/csGeneset

An R package containing multiple data sets for bioinformatics analysis

Primary LanguageROtherNOASSERTION

csGeneset

The gene set or data used for data analysis

Installation

You can install the development version of csGeneset from GitHub with:

# install.packages("devtools")
devtools::install_github("BioInfoCloud/csGeneset")

MSigDB

Gene set from MSigDB database

library(csGeneset)
listMSigDB(gsMSigDB)
gobp <- gsMSigDB[["c5.go.bp.v2022-1.Hs.symbols.gmt"]]
gobp_gs <- gobp[["geneSet"]]
head(gobp_gs)

MCPcounter

MCP-counter(Microenvironment Cell Populations-counter)

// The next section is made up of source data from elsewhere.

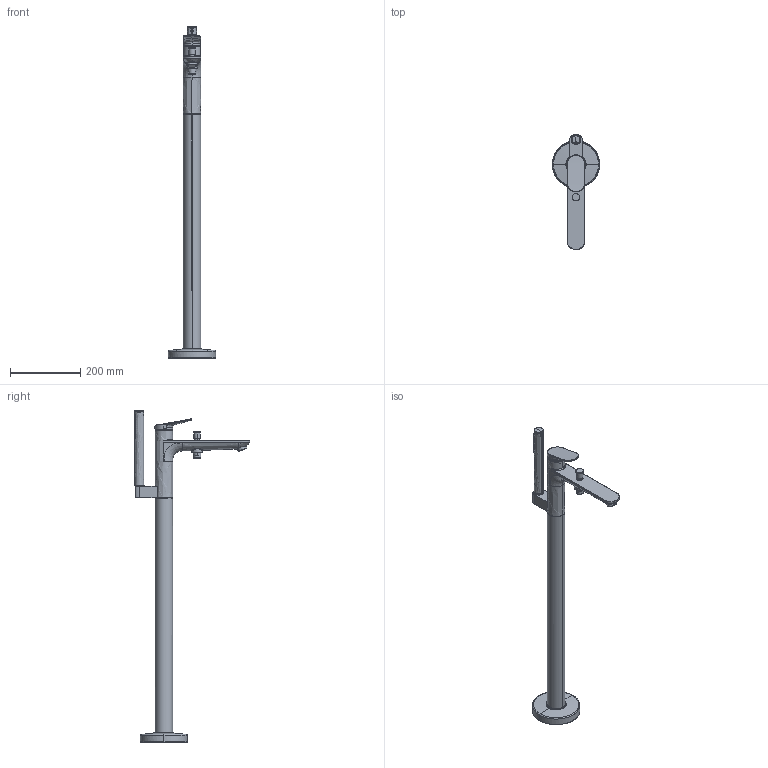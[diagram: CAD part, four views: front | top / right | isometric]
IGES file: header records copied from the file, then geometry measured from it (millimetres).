
Global section: file name: d:\users\matthias.isele\Desktop\Planungsdaten_erstellen\Armaturen\Wave\WA5250000010_WA5250000004_WA5250000034_WA5250000046_WA5250000070\3D\WA5250000010_WA5250000004_WA5250000034_WA5250000046_WA5250000070.igs; native system: Rhinoceros ( Sep 13 2016 ); preprocessor: Trout Lake IGES 012 Sep 13 2016; date: 230105.084558; units: millimetre
Bounding box: 135 x 329.32 x 947.31 mm (x, y, z)
Surface area: 393961.8 mm2 (no closed solid volume)
Topology: 0 solids, 0 shells, 2609 faces, 18820 edges, 18791 vertices
Faces by surface type: bspline 2609
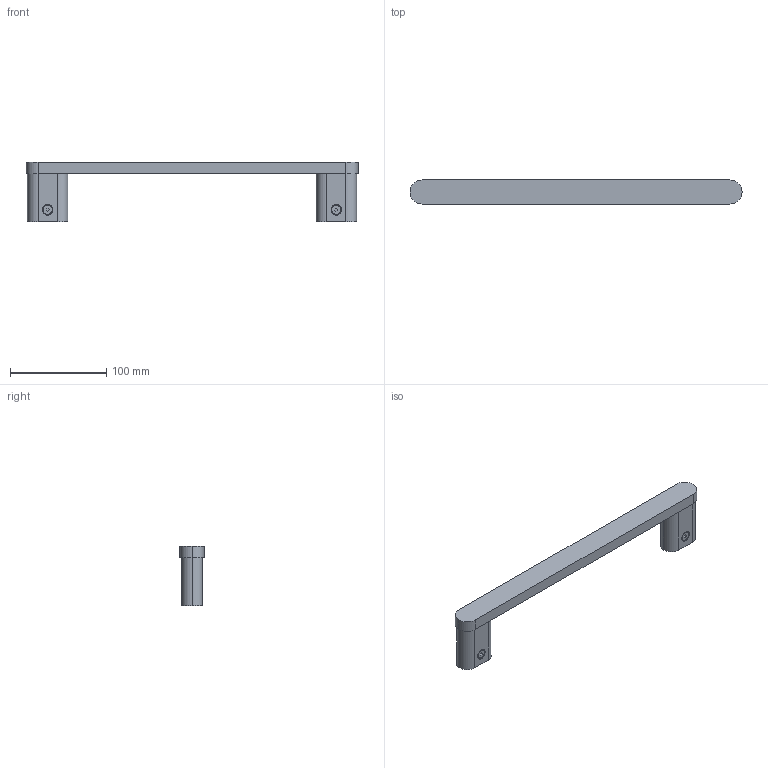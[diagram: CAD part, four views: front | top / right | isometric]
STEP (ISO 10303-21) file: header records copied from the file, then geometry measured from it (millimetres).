
FILE_DESCRIPTION (( 'STEP AP214' ), '1' );
FILE_NAME ('24056A-00-00.STEP', '2019-10-29T06:58:06', ( '' ), ( '' ), 'SwSTEP 2.0', 'SolidWorks 2011', '' );
FILE_SCHEMA (( 'AUTOMOTIVE_DESIGN' ));
Length unit declared in the file: millimetre
Products named in the file (1): 24056A-00-00
Bounding box: 345 x 25 x 62 mm (x, y, z)
Surface area: 53726.5 mm2 (no closed solid volume)
Topology: 0 solids, 7 shells, 91 faces, 259 edges, 176 vertices
Faces by surface type: plane 46, cylinder 35, cone 10
Entity records: 3987 total; most frequent: DIRECTION 547, CARTESIAN_POINT 527, ORIENTED_EDGE 430, EDGE_CURVE 259, AXIS2_PLACEMENT_3D 196, VERTEX_POINT 176, LINE 155, VECTOR 155
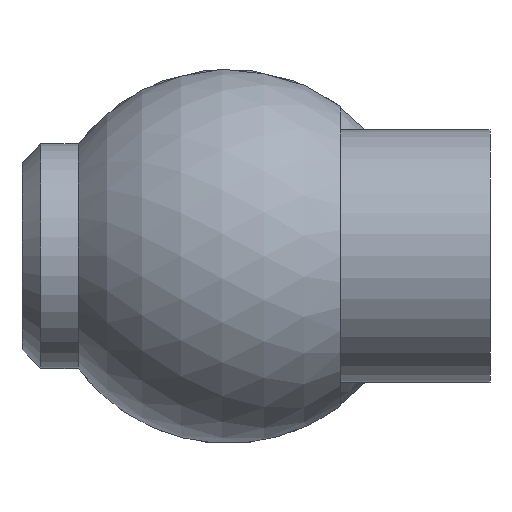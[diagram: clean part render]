
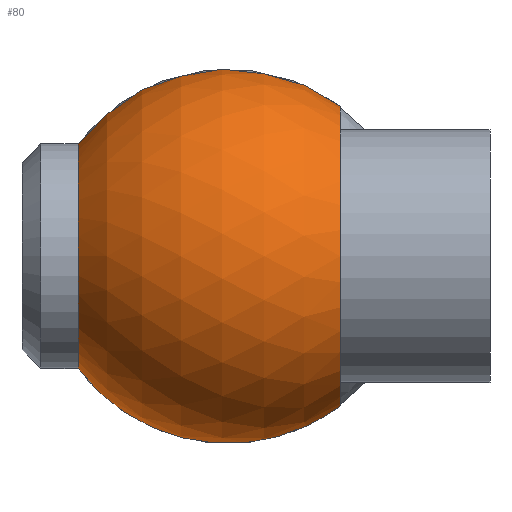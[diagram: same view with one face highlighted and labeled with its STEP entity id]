
A CAD part, left-side view. The second image highlights one B-rep face of the part: STEP entity #80.
In plain terms, the highlighted spherical face has radius 10 mm.
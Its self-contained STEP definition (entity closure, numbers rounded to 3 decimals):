
#80 = ADVANCED_FACE( '', ( #106, #107, #108 ), #109, .T. );
#106 = FACE_OUTER_BOUND( '', #151, .T. );
#107 = FACE_BOUND( '', #152, .T. );
#108 = FACE_OUTER_BOUND( '', #153, .T. );
#109 = SPHERICAL_SURFACE( '', #154, 10. );
#151 = EDGE_LOOP( '', ( #206 ) );
#152 = EDGE_LOOP( '', ( #207 ) );
#153 = EDGE_LOOP( '', ( #208 ) );
#154 = AXIS2_PLACEMENT_3D( '', #209, #210, #211 );
#206 = ORIENTED_EDGE( '', *, *, #264, .T. );
#207 = ORIENTED_EDGE( '', *, *, #259, .T. );
#208 = ORIENTED_EDGE( '', *, *, #265, .F. );
#209 = CARTESIAN_POINT( '', ( 0., 14., 0. ) );
#210 = DIRECTION( '', ( 0., -1., 0. ) );
#211 = DIRECTION( '', ( 1., 0., 0. ) );
#259 = EDGE_CURVE( '', #276, #276, #277, .T. );
#264 = EDGE_CURVE( '', #286, #286, #287, .T. );
#265 = EDGE_CURVE( '', #288, #288, #289, .T. );
#276 = VERTEX_POINT( '', #304 );
#277 = CIRCLE( '', #305, 4.25 );
#286 = VERTEX_POINT( '', #314 );
#287 = CIRCLE( '', #315, 6. );
#288 = VERTEX_POINT( '', #316 );
#289 = CIRCLE( '', #317, 8. );
#304 = CARTESIAN_POINT( '', ( 9.052, 14., 4.25 ) );
#305 = AXIS2_PLACEMENT_3D( '', #334, #335, #336 );
#314 = CARTESIAN_POINT( '', ( 0., 22., -6. ) );
#315 = AXIS2_PLACEMENT_3D( '', #349, #350, #351 );
#316 = CARTESIAN_POINT( '', ( 0., 8., -8. ) );
#317 = AXIS2_PLACEMENT_3D( '', #352, #353, #354 );
#334 = CARTESIAN_POINT( '', ( 9.052, 14., 0. ) );
#335 = DIRECTION( '', ( -1., 0., 0. ) );
#336 = DIRECTION( '', ( 0., 0., 1. ) );
#349 = CARTESIAN_POINT( '', ( 0., 22., 0. ) );
#350 = DIRECTION( '', ( 0., -1., 0. ) );
#351 = DIRECTION( '', ( 0., 0., -1. ) );
#352 = CARTESIAN_POINT( '', ( 0., 8., 0. ) );
#353 = DIRECTION( '', ( 0., -1., 0. ) );
#354 = DIRECTION( '', ( 0., 0., -1. ) );
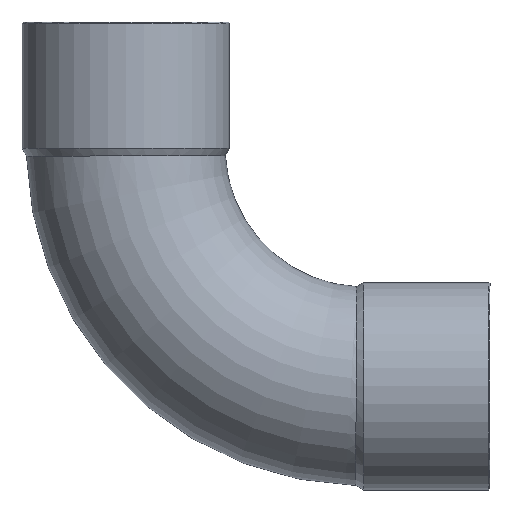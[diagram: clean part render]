
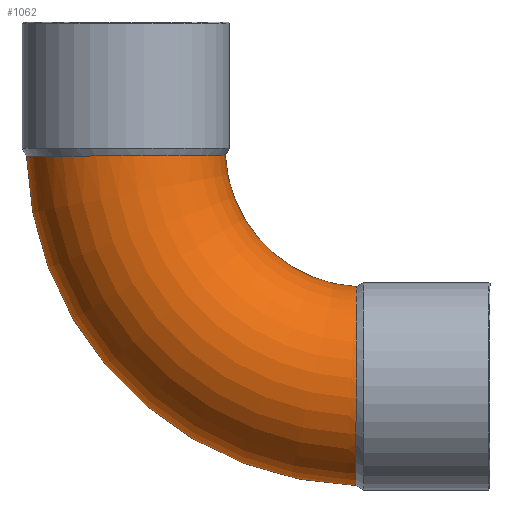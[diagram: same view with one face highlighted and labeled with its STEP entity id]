
A CAD part, front view. The second image highlights one B-rep face of the part: STEP entity #1062.
In plain terms, the highlighted toroidal (fillet/blend) face has major radius 64.8 mm and minor radius 27 mm.
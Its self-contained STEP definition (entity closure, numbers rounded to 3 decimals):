
#49=CARTESIAN_POINT('',(-69.737,0.,-2.248));
#50=VERTEX_POINT('',#49);
#51=CARTESIAN_POINT('',(19.787,0.,-91.772));
#52=VERTEX_POINT('',#51);
#53=CARTESIAN_POINT('',(22.035,0.,0.0));
#54=DIRECTION('',(0.0,-1.0,0.0));
#55=DIRECTION('',(0.0,0.0,-1.0));
#56=AXIS2_PLACEMENT_3D('',#53,#54,#55);
#57=CIRCLE('',#56,91.8);
#58=EDGE_CURVE('',#50,#52,#57,.T.);
#60=CARTESIAN_POINT('',(-15.707,0.,-2.099));
#61=VERTEX_POINT('',#60);
#85=CARTESIAN_POINT('',(19.936,0.,-37.742));
#86=VERTEX_POINT('',#85);
#87=CARTESIAN_POINT('',(22.035,0.,0.0));
#88=DIRECTION('',(0.0,1.0,0.0));
#89=DIRECTION('',(0.0,0.0,-1.0));
#90=AXIS2_PLACEMENT_3D('',#87,#88,#89);
#91=CIRCLE('',#90,37.8);
#92=EDGE_CURVE('',#86,#61,#91,.T.);
#226=CARTESIAN_POINT('',(-15.707,0.,-2.099));
#227=CARTESIAN_POINT('',(-15.707,-0.234,-2.099));
#228=CARTESIAN_POINT('',(-15.71,-0.468,-2.099));
#229=CARTESIAN_POINT('',(-15.807,-4.216,-2.1));
#230=CARTESIAN_POINT('',(-16.585,-7.677,-2.104));
#231=CARTESIAN_POINT('',(-19.424,-14.111,-2.119));
#232=CARTESIAN_POINT('',(-21.461,-17.021,-2.129));
#233=CARTESIAN_POINT('',(-26.535,-21.898,-2.151));
#234=CARTESIAN_POINT('',(-29.526,-23.818,-2.162));
#235=CARTESIAN_POINT('',(-36.073,-26.403,-2.183));
#236=CARTESIAN_POINT('',(-39.567,-27.044,-2.192));
#237=CARTESIAN_POINT('',(-46.604,-26.951,-2.209));
#238=CARTESIAN_POINT('',(-50.079,-26.218,-2.216));
#239=CARTESIAN_POINT('',(-56.55,-23.462,-2.228));
#240=CARTESIAN_POINT('',(-59.486,-21.465,-2.233));
#241=CARTESIAN_POINT('',(-64.425,-16.46,-2.24));
#242=CARTESIAN_POINT('',(-66.382,-13.5,-2.243));
#243=CARTESIAN_POINT('',(-69.051,-6.996,-2.247));
#244=CARTESIAN_POINT('',(-69.737,-3.515,-2.248));
#245=CARTESIAN_POINT('',(-69.737,0.,-2.248));
#246=B_SPLINE_CURVE_WITH_KNOTS('',3,(#226,#227,#228,#229,#230,#231,#232,#233,#234,#235,#236,#237,#238,#239,#240,#241,#242,#243,#244,#245),.UNSPECIFIED.,.F.,.U.,(4,2,2,2,2,2,2,2,2,4),(-8.511,-8.441,-7.386,-6.331,-5.275,-4.219,-3.164,-2.109,-1.054,0.0),.UNSPECIFIED.);
#247=EDGE_CURVE('',#61,#50,#246,.T.);
#1029=CARTESIAN_POINT('',(22.035,0.,0.0));
#1030=DIRECTION('',(0.0,-1.0,0.0));
#1031=DIRECTION('',(0.0,0.0,-1.0));
#1032=AXIS2_PLACEMENT_3D('',#1029,#1030,#1031);
#1033=TOROIDAL_SURFACE('',#1032,64.8,27.0);
#1034=ORIENTED_EDGE('',*,*,#58,.T.);
#1035=CARTESIAN_POINT('',(19.787,0.,-91.772));
#1036=CARTESIAN_POINT('',(19.787,-1.99,-91.772));
#1037=CARTESIAN_POINT('',(19.788,-3.974,-91.552));
#1038=CARTESIAN_POINT('',(19.789,-7.858,-90.68));
#1039=CARTESIAN_POINT('',(19.79,-9.746,-90.03));
#1040=CARTESIAN_POINT('',(19.793,-14.723,-87.675));
#1041=CARTESIAN_POINT('',(19.796,-17.577,-85.565));
#1042=CARTESIAN_POINT('',(19.804,-22.317,-80.368));
#1043=CARTESIAN_POINT('',(19.809,-24.157,-77.331));
#1044=CARTESIAN_POINT('',(19.822,-26.569,-70.72));
#1045=CARTESIAN_POINT('',(19.829,-27.118,-67.21));
#1046=CARTESIAN_POINT('',(19.846,-26.84,-60.177));
#1047=CARTESIAN_POINT('',(19.856,-26.015,-56.72));
#1048=CARTESIAN_POINT('',(19.877,-23.087,-50.319));
#1049=CARTESIAN_POINT('',(19.889,-21.013,-47.436));
#1050=CARTESIAN_POINT('',(19.91,-15.879,-42.629));
#1051=CARTESIAN_POINT('',(19.919,-12.869,-40.751));
#1052=CARTESIAN_POINT('',(19.932,-6.521,-38.338));
#1053=CARTESIAN_POINT('',(19.936,-3.273,-37.742));
#1054=CARTESIAN_POINT('',(19.936,0.,-37.742));
#1055=B_SPLINE_CURVE_WITH_KNOTS('',3,(#1035,#1036,#1037,#1038,#1039,#1040,#1041,#1042,#1043,#1044,#1045,#1046,#1047,#1048,#1049,#1050,#1051,#1052,#1053,#1054),.UNSPECIFIED.,.F.,.U.,(4,2,2,2,2,2,2,2,2,4),(-17.02,-16.423,-15.826,-14.771,-13.716,-12.66,-11.604,-10.549,-9.494,-8.511),.UNSPECIFIED.);
#1056=EDGE_CURVE('',#52,#86,#1055,.T.);
#1057=ORIENTED_EDGE('',*,*,#1056,.T.);
#1058=ORIENTED_EDGE('',*,*,#92,.T.);
#1059=ORIENTED_EDGE('',*,*,#247,.T.);
#1060=EDGE_LOOP('',(#1034,#1057,#1058,#1059));
#1061=FACE_OUTER_BOUND('',#1060,.T.);
#1062=ADVANCED_FACE('',(#1061),#1033,.T.);

How is the data extracted?

library(csGeneset)
library(MCPcounter)
# Probe annotation.
probesets <- annoMCPcounter[["probesets"]]
# gene annotation
genes <- annoMCPcounter[["genes"]]
?MCPcounter.estimate

probesets and genes are equivalent to the following result:

library(MCPcounter)
library(preprocessCore)
# Probe annotation results.
probesets = read.table(curl('http://raw.githubusercontent.com/ebecht/MCPcounter/master/Signatures/probesets.txt'),
                       sep='\t',stringsAsFactors=FALSE,colClasses='character')


# gene annotation.
genes = read.table(curl('http://raw.githubusercontent.com/ebecht/MCPcounter/master/Signatures/genes.txt'),
                   sep='\t',
                   stringsAsFactors=FALSE,
                   header=TRUE,
                   colClasses='character',
                   check.names=FALSE)

Cite

Becht E, Giraldo N A, Lacroix L, et al. Estimating the population abundance of tissue-infiltrating immune and stromal cell populations using gene expression[J]. Genome biology, 2016, 17(1): 1-20.

gsGSVA

The getGmt function reads data from the .gmt file.

names(gsGSVA)
# Gene sets for GSVA package analysis were extracted.
gsImmCell <- gsGSVA[["ImmCell"]][["geneSet"]]

gsEffector

Classification or annotation of some genes for analysis.